* **Problem to work on**
The lines to print run from the top of the material below to the line with "FILE_SCHEMA (( 'CONFIG_CONTROL_DESIGN' ));", inclusive; please copy them exactly, without pictures.

========

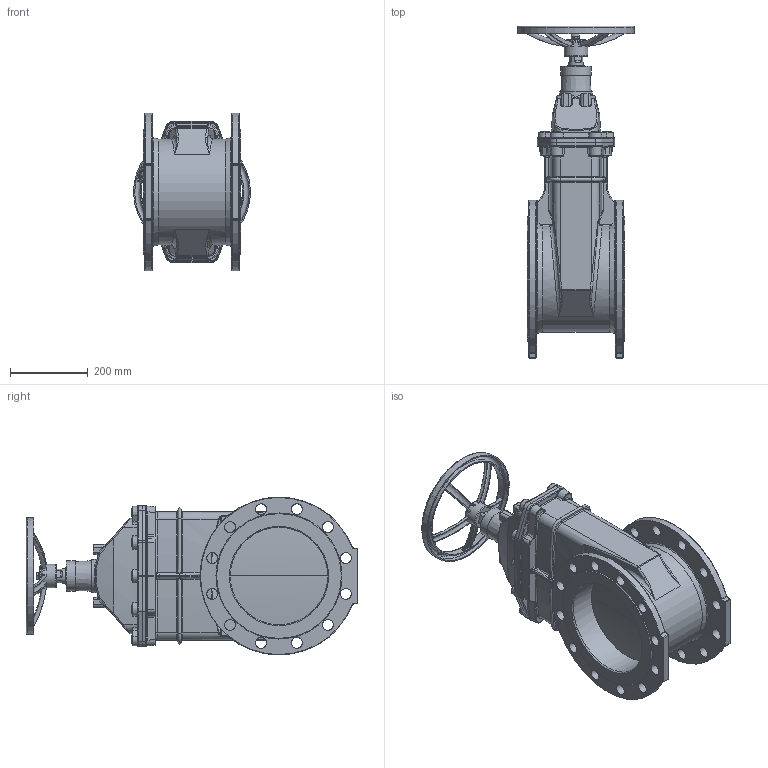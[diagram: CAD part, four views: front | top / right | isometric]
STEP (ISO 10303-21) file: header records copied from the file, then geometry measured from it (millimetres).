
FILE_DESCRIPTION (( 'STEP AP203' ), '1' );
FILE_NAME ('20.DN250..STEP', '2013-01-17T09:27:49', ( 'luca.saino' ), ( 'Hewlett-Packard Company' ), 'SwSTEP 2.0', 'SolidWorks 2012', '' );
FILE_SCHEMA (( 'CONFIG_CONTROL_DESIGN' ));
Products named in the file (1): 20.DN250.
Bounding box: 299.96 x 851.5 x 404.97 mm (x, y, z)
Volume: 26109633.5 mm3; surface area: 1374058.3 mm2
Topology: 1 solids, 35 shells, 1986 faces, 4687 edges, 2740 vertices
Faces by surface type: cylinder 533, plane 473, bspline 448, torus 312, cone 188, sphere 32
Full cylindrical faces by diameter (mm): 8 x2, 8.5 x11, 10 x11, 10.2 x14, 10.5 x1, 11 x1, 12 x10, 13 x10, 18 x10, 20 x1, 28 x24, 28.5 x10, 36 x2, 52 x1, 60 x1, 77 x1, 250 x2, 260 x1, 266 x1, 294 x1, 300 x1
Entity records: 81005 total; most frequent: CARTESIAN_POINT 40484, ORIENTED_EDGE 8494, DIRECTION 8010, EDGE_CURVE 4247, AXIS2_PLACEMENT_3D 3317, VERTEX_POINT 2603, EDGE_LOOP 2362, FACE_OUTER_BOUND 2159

========

* **Task solution**
[diagram: CAD part, four views: front | top / right | isometric]
STEP (ISO 10303-21) file: header records copied from the file, then geometry measured from it (millimetres).
FILE_DESCRIPTION (( 'STEP AP203' ), '1' );
FILE_NAME ('20.DN250..STEP', '2013-01-17T09:27:49', ( 'luca.saino' ), ( 'Hewlett-Packard Company' ), 'SwSTEP 2.0', 'SolidWorks 2012', '' );
FILE_SCHEMA (( 'CONFIG_CONTROL_DESIGN' ));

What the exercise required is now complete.